Prescription drug prices have once again become a hot-button issue this presidential campaign season, thanks in no small part to one unscrupulous young biotech executive who smirked his way through recent Congressional hearings on the matter. But the outrage and emotion generated by the kind of price-gouging practices at Turing Pharmaceuticals can feed the false notion that there’s an easy fix to an issue as complex as prescription drug pricing.
Most people are familiar with the large drug and insurances companies, which seem like obvious targets for reform. But what if I told you that an invisible layer of intermediaries between the two have become not just some of the biggest players in the health care industry, but some of the largest companies in the country?
So-called pharmacy benefit managers (PBMs) were initially designed to control drug pricing through claims processing and price negotiation. But in reality, the three out-of-state PBMs that dominate Washington’s health care marketplace have become larger and more profitable than Boeing, Amazon or Microsoft. In fact, they’ve become larger than Pfizer and Merck.
Can anyone be surprised that prescription drugs have become unaffordable for many Washington families at the same time that the middlemen meant to keep prices down have grown larger than the two biggest drug manufacturers themselves?
Worse still, PBMs are unregulated in Washington. This has allowed them to assert power over basic elements of patient care that is both unparalleled and unconscionable, including the type of medication patients are allowed, the dosage and frequency they may take it, the co-pays they must pay, and even where they may go to receive their care.

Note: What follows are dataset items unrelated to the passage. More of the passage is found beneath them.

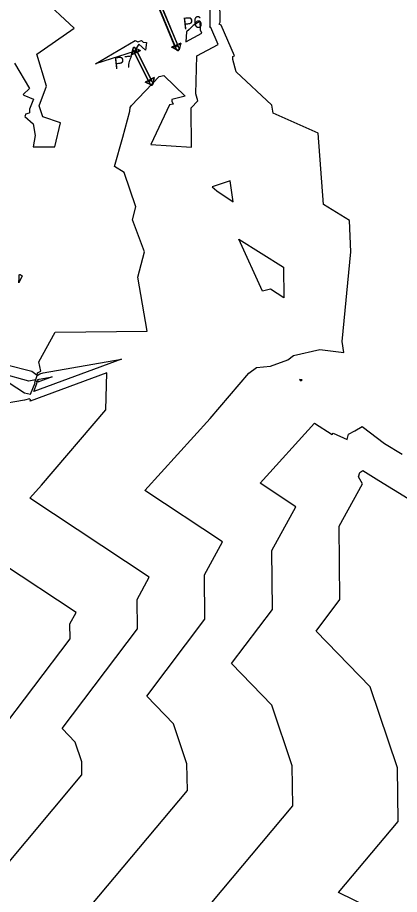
# Model space of a CAD drawing. Extents: x -549394 to -546608, y -1037055 to -1033629.
# Drawn here: x -547438 to -547324.6, y -1035525.4 to -1035265.1 of the extents above; entities that cross this region are included whole.
import ezdxf

# ---------------------------------------------------------------- set-up
doc = ezdxf.new("R2010")
doc.units = 0
for name, color, linetype in [('hlavni_vrst', 7, 'Continuous'), ('norm_vrst', 7, 'Continuous'), ('x_popis_C14', 7, 'Continuous'), ('x_propustek', 7, 'Continuous')]:
    doc.layers.add(name, color=color, linetype=linetype)

msp = doc.modelspace()

# ---------------------------------------------------------------- linework, layer by layer
at = {"layer": 'hlavni_vrst'}
for p, q in [((-547427.7, -1035371.77), (-547432.03, -1035373.37)), ((-547432.03, -1035373.37), (-547431.85, -1035372.89)), ((-547431.97, -1035372.6), (-547431.9, -1035372.55)), ((-547431.97, -1035372.82), (-547431.97, -1035372.6)), ((-547431.85, -1035372.89), (-547431.97, -1035372.82)), ((-547431.9, -1035372.55), (-547431.57, -1035372.45)), ((-547431.57, -1035372.45), (-547427.7, -1035371.77)), ((-547365.95, -1035403.31), (-547349.87, -1035385.5)), ((-547349.87, -1035385.5), (-547344.57, -1035388.84)), ((-547337.93, -1035387.82), (-547335.7, -1035386.54)), ((-547335.7, -1035386.54), (-547329.05, -1035391.52)), ((-547344.57, -1035388.84), (-547344.36, -1035388.52)), ((-547344.36, -1035388.52), (-547340.2, -1035390.38)), ((-547340.2, -1035390.38), (-547339.78, -1035388.83)), ((-547339.78, -1035388.83), (-547337.93, -1035387.82)), ((-547329.05, -1035391.52), (-547323.87, -1035394.76)), ((-547355.36, -1035410.32), (-547365.95, -1035403.31)), ((-547362.55, -1035423.36), (-547355.36, -1035410.32)), ((-547362.34, -1035440.8), (-547362.55, -1035423.36)), ((-547374.53, -1035456.91), (-547362.34, -1035440.8)), ((-547362.54, -1035469.25), (-547374.53, -1035456.91)), ((-547356.48, -1035487.24), (-547362.54, -1035469.25)), ((-547356.3, -1035499.12), (-547356.48, -1035487.24)), ((-547383.4, -1035531.44), (-547356.3, -1035499.12))]:
    msp.add_line(p, q, dxfattribs=at)
at = {"layer": 'norm_vrst'}
for p, q in [((-547380.81, -1035267.64), (-547380.88, -1035253.24)), ((-547421.19, -1035268.25), (-547432.95, -1035257.28)), ((-547377.89, -1035266.54), (-547377.92, -1035259.76)), ((-547383.75, -1035266.15), (-547385.92, -1035267.52)), ((-547383.74, -1035268.75), (-547383.75, -1035266.15)), ((-547378.18, -1035267.11), (-547377.89, -1035266.54)), ((-547432.32, -1035276.03), (-547421.19, -1035268.25)), ((-547387.88, -1035269.32), (-547388.08, -1035272.29)), ((-547387.06, -1035268.71), (-547387.88, -1035269.32)), ((-547385.92, -1035267.52), (-547387.06, -1035268.71)), ((-547383.77, -1035268.8), (-547383.74, -1035268.75)), ((-547383.71, -1035268.83), (-547383.77, -1035268.8)), ((-547383.31, -1035269.73), (-547383.71, -1035268.83)), ((-547380.97, -1035267.96), (-547380.81, -1035267.64)), ((-547380.66, -1035268.12), (-547380.97, -1035267.96)), ((-547378.46, -1035273.09), (-547380.66, -1035268.12)), ((-547377.61, -1035267.4), (-547378.18, -1035267.11)), ((-547373.61, -1035276.45), (-547377.61, -1035267.4)), ((-547414.86, -1035278.87), (-547403.07, -1035271.98)), ((-547403.07, -1035271.98), (-547402.33, -1035272.33)), ((-547402.33, -1035272.33), (-547401.26, -1035271.97)), ((-547401.26, -1035271.97), (-547400.7, -1035272.4)), ((-547388.08, -1035272.29), (-547383.31, -1035269.73)), ((-547402.04, -1035273.04), (-547403.41, -1035275.22)), ((-547400.06, -1035274.8), (-547402.04, -1035273.04)), ((-547400.7, -1035272.4), (-547399.73, -1035272.53)), ((-547399.73, -1035272.53), (-547400.06, -1035274.8)), ((-547384.79, -1035276.49), (-547378.46, -1035273.09)), ((-547429.44, -1035285.46), (-547432.32, -1035276.03)), ((-547403.41, -1035275.22), (-547414.86, -1035278.87)), ((-547385.1, -1035287.74), (-547384.79, -1035276.49)), ((-547374.1, -1035277.54), (-547374.08, -1035276.7)), ((-547374.08, -1035276.7), (-547373.61, -1035276.45)), ((-547438.93, -1035278.69), (-547434.43, -1035286.23)), ((-547373.07, -1035281.22), (-547374.1, -1035277.54)), ((-547404.2, -1035291.19), (-547395.97, -1035282.66)), ((-547395.97, -1035282.66), (-547394.56, -1035282.33)), ((-547394.56, -1035282.33), (-547388.3, -1035288.42)), ((-547362.51, -1035291.15), (-547373.07, -1035281.22)), ((-547434.43, -1035286.23), (-547436.33, -1035288)), ((-547431.59, -1035291.29), (-547429.44, -1035285.46)), ((-547384.51, -1035289.83), (-547385.1, -1035287.74)), ((-547436.33, -1035288), (-547436.27, -1035288.03)), ((-547436.27, -1035288.03), (-547436.19, -1035288.2)), ((-547436.19, -1035288.2), (-547433.28, -1035289.38)), ((-547433.28, -1035289.38), (-547434.45, -1035292.28)), ((-547388.3, -1035288.42), (-547392.24, -1035289.43)), ((-547392.24, -1035289.43), (-547392.22, -1035289.95)), ((-547392.22, -1035289.95), (-547391.81, -1035290.88)), ((-547386.51, -1035291.88), (-547384.51, -1035289.83)), ((-547434.45, -1035292.28), (-547434.5, -1035293.43)), ((-547430.55, -1035294.64), (-547431.59, -1035291.29)), ((-547406.73, -1035300.62), (-547404.64, -1035292.94)), ((-547404.64, -1035292.94), (-547404.6, -1035291.85)), ((-547404.6, -1035291.85), (-547404.2, -1035291.19)), ((-547392.94, -1035290.99), (-547398.47, -1035302.8)), ((-547391.81, -1035290.88), (-547392.94, -1035290.99)), ((-547386.34, -1035303.6), (-547386.51, -1035291.88)), ((-547362.1, -1035293.55), (-547362.51, -1035291.15)), ((-547435.54, -1035293.74), (-547435.86, -1035294.48)), ((-547435.86, -1035294.48), (-547433.33, -1035296.72)), ((-547435.54, -1035293.74), (-547434.5, -1035293.43)), ((-547425.27, -1035296.42), (-547430.55, -1035294.64)), ((-547348.8, -1035299.47), (-547362.1, -1035293.55)), ((-547433.33, -1035296.72), (-547432.75, -1035300.09)), ((-547426.92, -1035303.53), (-547425.27, -1035296.42)), ((-547432.75, -1035300.09), (-547433.38, -1035303.53)), ((-547409.24, -1035309.35), (-547406.73, -1035300.62)), ((-547347.19, -1035320.57), (-547348.8, -1035299.47)), ((-547433.38, -1035303.53), (-547426.92, -1035303.53)), ((-547398.47, -1035302.8), (-547386.34, -1035303.6)), ((-547406.39, -1035311.07), (-547409.24, -1035309.35)), ((-547402.86, -1035321.34), (-547406.39, -1035311.07)), ((-547374.89, -1035313.57), (-547380.23, -1035315.38)), ((-547374.05, -1035319.8), (-547374.89, -1035313.57)), ((-547380.23, -1035315.38), (-547378.83, -1035316.58)), ((-547378.83, -1035316.58), (-547374.05, -1035319.8)), ((-547403.9, -1035325.15), (-547402.86, -1035321.34)), ((-547339.51, -1035325.35), (-547347.19, -1035320.57)), ((-547400.32, -1035334.67), (-547403.9, -1035325.15)), ((-547339.08, -1035334.62), (-547339.51, -1035325.35)), ((-547372.31, -1035330.92), (-547359.1, -1035339.24)), ((-547365.27, -1035346.33), (-547372.31, -1035330.92)), ((-547402.34, -1035342.16), (-547400.32, -1035334.67)), ((-547341.62, -1035361.33), (-547339.08, -1035334.62)), ((-547359.1, -1035339.24), (-547358.95, -1035348.33)), ((-547436.65, -1035341.77), (-547437.66, -1035343.87)), ((-547437.66, -1035343.87), (-547437.55, -1035342.43)), ((-547437.55, -1035342.43), (-547437.52, -1035341.54)), ((-547437.52, -1035341.54), (-547437.29, -1035341.44)), ((-547437.29, -1035341.44), (-547437.24, -1035341.39)), ((-547437.24, -1035341.39), (-547436.65, -1035341.77)), ((-547399.54, -1035358.21), (-547402.34, -1035342.16)), ((-547362.88, -1035345.77), (-547365.27, -1035346.33)), ((-547365.27, -1035346.33), (-547365.27, -1035346.33)), ((-547358.95, -1035348.33), (-547362.88, -1035345.77)), ((-547362.88, -1035345.77), (-547362.88, -1035345.77)), ((-547431.66, -1035367.28), (-547426.86, -1035358.54)), ((-547426.86, -1035358.54), (-547399.54, -1035358.21)), ((-547341.16, -1035364.59), (-547341.62, -1035361.33)), ((-547357.82, -1035366.7), (-547356.05, -1035365.42)), ((-547356.05, -1035365.42), (-547348.25, -1035363.7)), ((-547348.25, -1035363.7), (-547341.16, -1035364.59)), ((-547441.58, -1035368.06), (-547433.73, -1035370.1)), ((-547407.19, -1035366.57), (-547433.16, -1035376.16)), ((-547431.11, -1035370.06), (-547431.66, -1035367.28)), ((-547430.42, -1035370.63), (-547407.19, -1035366.57)), ((-547362.92, -1035368.63), (-547357.82, -1035366.7)), ((-547434.67, -1035373.03), (-547442.43, -1035370.9)), ((-547411.55, -1035370.55), (-547434.3, -1035378.95)), ((-547433.73, -1035370.1), (-547432.23, -1035371.23)), ((-547432.23, -1035371.23), (-547432.06, -1035370.6)), ((-547432.21, -1035371.4), (-547431.36, -1035370.91)), ((-547432.06, -1035370.6), (-547431.11, -1035370.06)), ((-547431.36, -1035370.91), (-547430.42, -1035370.63)), ((-547411.85, -1035381.59), (-547411.55, -1035370.55)), ((-547380.83, -1035384.1), (-547369.34, -1035370.67)), ((-547369.34, -1035370.67), (-547367.1, -1035369.04)), ((-547367.1, -1035369.04), (-547362.92, -1035368.63)), ((-547443.07, -1035371.84), (-547435.93, -1035376.54)), ((-547432.65, -1035372.63), (-547434.67, -1035373.03)), ((-547434.14, -1035376.92), (-547432.81, -1035373.57)), ((-547433.16, -1035376.16), (-547432.28, -1035373.75)), ((-547432.93, -1035373.5), (-547432.65, -1035372.63)), ((-547432.81, -1035373.57), (-547432.93, -1035373.5)), ((-547432.68, -1035372.99), (-547432.55, -1035372.6)), ((-547432.16, -1035373.3), (-547432.68, -1035372.99)), ((-547432.55, -1035372.6), (-547432.38, -1035372)), ((-547432.38, -1035372), (-547432.3, -1035371.72)), ((-547432.32, -1035373.71), (-547432.16, -1035373.3)), ((-547432.28, -1035373.75), (-547432.32, -1035373.71)), ((-547432.3, -1035371.72), (-547432.21, -1035371.4)), ((-547353.94, -1035372.67), (-547354.27, -1035372.53)), ((-547354.27, -1035372.53), (-547354.13, -1035372.79)), ((-547354.13, -1035372.79), (-547353.82, -1035372.97)), ((-547353.48, -1035372.64), (-547353.94, -1035372.67)), ((-547353.82, -1035372.97), (-547353.48, -1035372.64)), ((-547435.93, -1035378.68), (-547448.48, -1035380.87)), ((-547435.93, -1035376.54), (-547434.14, -1035376.92)), ((-547434.46, -1035378.31), (-547435.93, -1035378.68)), ((-547434.17, -1035378.6), (-547434.46, -1035378.31)), ((-547434.3, -1035378.95), (-547434.17, -1035378.6)), ((-547430.92, -1035403.89), (-547411.85, -1035381.59)), ((-547400.18, -1035405.53), (-547380.83, -1035384.1)), ((-547336.39, -1035400.15), (-547335.52, -1035399.59)), ((-547335.52, -1035399.59), (-547330.74, -1035402.58)), ((-547336.81, -1035401.41), (-547336.39, -1035400.15)), ((-547335.6, -1035403.49), (-547336.81, -1035401.41)), ((-547434.41, -1035407.75), (-547430.92, -1035403.89)), ((-547342.57, -1035416.13), (-547335.6, -1035403.49)), ((-547330.74, -1035402.58), (-547322.05, -1035407.85)), ((-547377.12, -1035420.78), (-547400.18, -1035405.53)), ((-547398.89, -1035431.25), (-547434.41, -1035407.75)), ((-547342.31, -1035437.9), (-547342.57, -1035416.13)), ((-547382.53, -1035430.59), (-547377.12, -1035420.78)), ((-547420.65, -1035441.72), (-547442.43, -1035427.31)), ((-547382.37, -1035443.7), (-547382.53, -1035430.59)), ((-547402.51, -1035437.82), (-547398.89, -1035431.25)), ((-547402.4, -1035446.61), (-547402.51, -1035437.82)), ((-547349.39, -1035447.27), (-547342.31, -1035437.9)), ((-547422.49, -1035445.05), (-547420.65, -1035441.72)), ((-547399.66, -1035466.56), (-547382.37, -1035443.7)), ((-547424.79, -1035476.2), (-547402.4, -1035446.61)), ((-547422.44, -1035449.51), (-547422.49, -1035445.05)), ((-547333.36, -1035463.78), (-547349.39, -1035447.27)), ((-547448.7, -1035484.23), (-547422.44, -1035449.51)), ((-547325.25, -1035487.85), (-547333.36, -1035463.78)), ((-547391.72, -1035474.73), (-547399.66, -1035466.56)), ((-547387.71, -1035486.64), (-547391.72, -1035474.73)), ((-547420.91, -1035480.2), (-547424.79, -1035476.2)), ((-547418.94, -1035486.04), (-547420.91, -1035480.2)), ((-547418.88, -1035489.89), (-547418.94, -1035486.04)), ((-547387.59, -1035494.51), (-547387.71, -1035486.64)), ((-547325.01, -1035503.74), (-547325.25, -1035487.85)), ((-547464.74, -1035544.58), (-547418.88, -1035489.89)), ((-547424.07, -1035538.01), (-547387.59, -1035494.51)), ((-547342.73, -1035524.87), (-547325.01, -1035503.74)), ((-547325.82, -1035533.03), (-547342.73, -1035524.87))]:
    msp.add_line(p, q, dxfattribs=at)
at = {"layer": 'x_propustek'}
for p, q in [((-547390.99, -1035274.38), (-547395.78, -1035262.9)), ((-547390.92, -1035274.35), (-547395.71, -1035262.87)), ((-547390.16, -1035274.03), (-547394.95, -1035262.55)), ((-547390.09, -1035274), (-547394.88, -1035262.52)), ((-547404.16, -1035276.2), (-547403.73, -1035274.17)), ((-547404.16, -1035276.2), (-547401.47, -1035274.86)), ((-547403.35, -1035273.98), (-547403.73, -1035274.17)), ((-547398.73, -1035284.65), (-547403.61, -1035274.87)), ((-547403.35, -1035273.98), (-547401.47, -1035274.86)), ((-547397.99, -1035284.28), (-547402.87, -1035274.5)), ((-547397.92, -1035284.24), (-547402.8, -1035274.47)), ((-547401.89, -1035275.07), (-547402.07, -1035274.72)), ((-547401.8, -1035275.03), (-547401.89, -1035274.85)), ((-547389.52, -1035272.73), (-547392.29, -1035273.89)), ((-547390.47, -1035274.89), (-547392.29, -1035273.89)), ((-547391.94, -1035273.75), (-547391.87, -1035273.93)), ((-547391.85, -1035273.71), (-547391.7, -1035274.08)), ((-547391.76, -1035273.67), (-547391.68, -1035273.85)), ((-547390.47, -1035274.89), (-547390.08, -1035274.73)), ((-547389.52, -1035272.73), (-547390.08, -1035274.73)), ((-547390.05, -1035272.95), (-547389.97, -1035273.14)), ((-547389.95, -1035272.92), (-547389.8, -1035273.29)), ((-547389.86, -1035272.88), (-547389.79, -1035273.06)), ((-547403.73, -1035275.99), (-547403.91, -1035275.63)), ((-547403.82, -1035276.04), (-547403.91, -1035275.86)), ((-547403.64, -1035275.95), (-547403.73, -1035275.77)), ((-547398.79, -1035284.68), (-547403.67, -1035274.9)), ((-547401.98, -1035275.12), (-547402.07, -1035274.94)), ((-547397.44, -1035282.94), (-547400.12, -1035284.28)), ((-547398.24, -1035285.16), (-547400.12, -1035284.28)), ((-547399.79, -1035284.12), (-547399.7, -1035284.3)), ((-547399.7, -1035284.07), (-547399.52, -1035284.43)), ((-547399.61, -1035284.03), (-547399.52, -1035284.21)), ((-547398.24, -1035285.16), (-547397.87, -1035284.97)), ((-547397.95, -1035283.2), (-547397.86, -1035283.38)), ((-547397.44, -1035282.94), (-547397.87, -1035284.97)), ((-547397.86, -1035283.16), (-547397.68, -1035283.51)), ((-547397.77, -1035283.11), (-547397.68, -1035283.29))]:
    msp.add_line(p, q, dxfattribs=at)
for points in [[(-547403.57, -1035274.01), (-547403.59, -1035274.02), (-547403.6, -1035274.03), (-547403.63, -1035274.05), (-547403.64, -1035274.06), (-547403.67, -1035274.09), (-547403.69, -1035274.11), (-547403.75, -1035274.2), (-547403.77, -1035274.27), (-547403.79, -1035274.44), (-547403.79, -1035274.53), (-547403.75, -1035274.72), (-547403.72, -1035274.81), (-547403.63, -1035274.99), (-547403.57, -1035275.08), (-547403.45, -1035275.22), (-547403.38, -1035275.27), (-547403.23, -1035275.36), (-547403.16, -1035275.38), (-547403.07, -1035275.39), (-547403.06, -1035275.39), (-547403.02, -1035275.39), (-547403.01, -1035275.39), (-547402.96, -1035275.38), (-547402.93, -1035275.37), (-547402.9, -1035275.36)], [(-547403.54, -1035274.08), (-547403.56, -1035274.09), (-547403.58, -1035274.1), (-547403.62, -1035274.14), (-547403.63, -1035274.16), (-547403.66, -1035274.21), (-547403.68, -1035274.23), (-547403.7, -1035274.3), (-547403.7, -1035274.33), (-547403.71, -1035274.4), (-547403.71, -1035274.44), (-547403.71, -1035274.53), (-547403.71, -1035274.57), (-547403.68, -1035274.7), (-547403.65, -1035274.78), (-547403.57, -1035274.95), (-547403.51, -1035275.03), (-547403.43, -1035275.13), (-547403.39, -1035275.16), (-547403.33, -1035275.21), (-547403.3, -1035275.23), (-547403.23, -1035275.27), (-547403.2, -1035275.29), (-547403.14, -1035275.31), (-547403.11, -1035275.31), (-547403.06, -1035275.32), (-547403.03, -1035275.32), (-547402.98, -1035275.31), (-547402.96, -1035275.3), (-547402.91, -1035275.28), (-547402.89, -1035275.27), (-547402.86, -1035275.23), (-547402.84, -1035275.21), (-547402.81, -1035275.16), (-547402.8, -1035275.14), (-547402.78, -1035275.07), (-547402.77, -1035275.04), (-547402.76, -1035274.96), (-547402.76, -1035274.93), (-547402.76, -1035274.84), (-547402.77, -1035274.8), (-547402.8, -1035274.67), (-547402.83, -1035274.58), (-547402.91, -1035274.42), (-547402.96, -1035274.34), (-547403.05, -1035274.24), (-547403.08, -1035274.21), (-547403.14, -1035274.16), (-547403.18, -1035274.14), (-547403.24, -1035274.1), (-547403.27, -1035274.08), (-547403.33, -1035274.06), (-547403.36, -1035274.06), (-547403.42, -1035274.05), (-547403.45, -1035274.05), (-547403.5, -1035274.06), (-547403.52, -1035274.07), (-547403.54, -1035274.08)], [(-547402.9, -1035275.36), (-547402.89, -1035275.35), (-547402.87, -1035275.34), (-547402.85, -1035275.32), (-547402.84, -1035275.31), (-547402.8, -1035275.28), (-547402.78, -1035275.26), (-547402.73, -1035275.17), (-547402.7, -1035275.09), (-547402.68, -1035274.93), (-547402.69, -1035274.84), (-547402.72, -1035274.65), (-547402.76, -1035274.56), (-547402.85, -1035274.38), (-547402.9, -1035274.29), (-547403.03, -1035274.15), (-547403.1, -1035274.09), (-547403.24, -1035274.01), (-547403.32, -1035273.99), (-547403.4, -1035273.98), (-547403.42, -1035273.98), (-547403.45, -1035273.98), (-547403.47, -1035273.98), (-547403.52, -1035273.99), (-547403.55, -1035274), (-547403.57, -1035274.01)], [(-547390.83, -1035273.49), (-547390.84, -1035273.5), (-547390.86, -1035273.51), (-547390.88, -1035273.52), (-547390.9, -1035273.53), (-547390.93, -1035273.56), (-547390.96, -1035273.59), (-547391.01, -1035273.67), (-547391.04, -1035273.74), (-547391.08, -1035273.91), (-547391.08, -1035274), (-547391.05, -1035274.19), (-547391.03, -1035274.28), (-547390.95, -1035274.47), (-547390.9, -1035274.55), (-547390.78, -1035274.7), (-547390.72, -1035274.77), (-547390.58, -1035274.86), (-547390.51, -1035274.89), (-547390.42, -1035274.9), (-547390.4, -1035274.9), (-547390.37, -1035274.91), (-547390.35, -1035274.91), (-547390.31, -1035274.9), (-547390.28, -1035274.89), (-547390.25, -1035274.88)], [(-547390.28, -1035274.81), (-547390.25, -1035274.8), (-547390.23, -1035274.79), (-547390.19, -1035274.76), (-547390.18, -1035274.74), (-547390.14, -1035274.69), (-547390.13, -1035274.67), (-547390.11, -1035274.61), (-547390.1, -1035274.57), (-547390.08, -1035274.5), (-547390.08, -1035274.46), (-547390.08, -1035274.38), (-547390.08, -1035274.33), (-547390.1, -1035274.2), (-547390.12, -1035274.11), (-547390.19, -1035273.94), (-547390.24, -1035273.86), (-547390.32, -1035273.76), (-547390.35, -1035273.73), (-547390.41, -1035273.67), (-547390.44, -1035273.64), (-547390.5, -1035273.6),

Far too often, patients with deadly or debilitating illnesses are learning that PBMs refuse to cover their generic drugs. Patients seeking “covered” medications from their pharmacies are discovering that PBMs will not adequately reimburse the pharmacy for the cost of their medications. This is putting pharmacists in the no-win position either of turning away patients in need (placing patients’ health at risk), or providing medication at below their own costs (placing their own businesses at risk).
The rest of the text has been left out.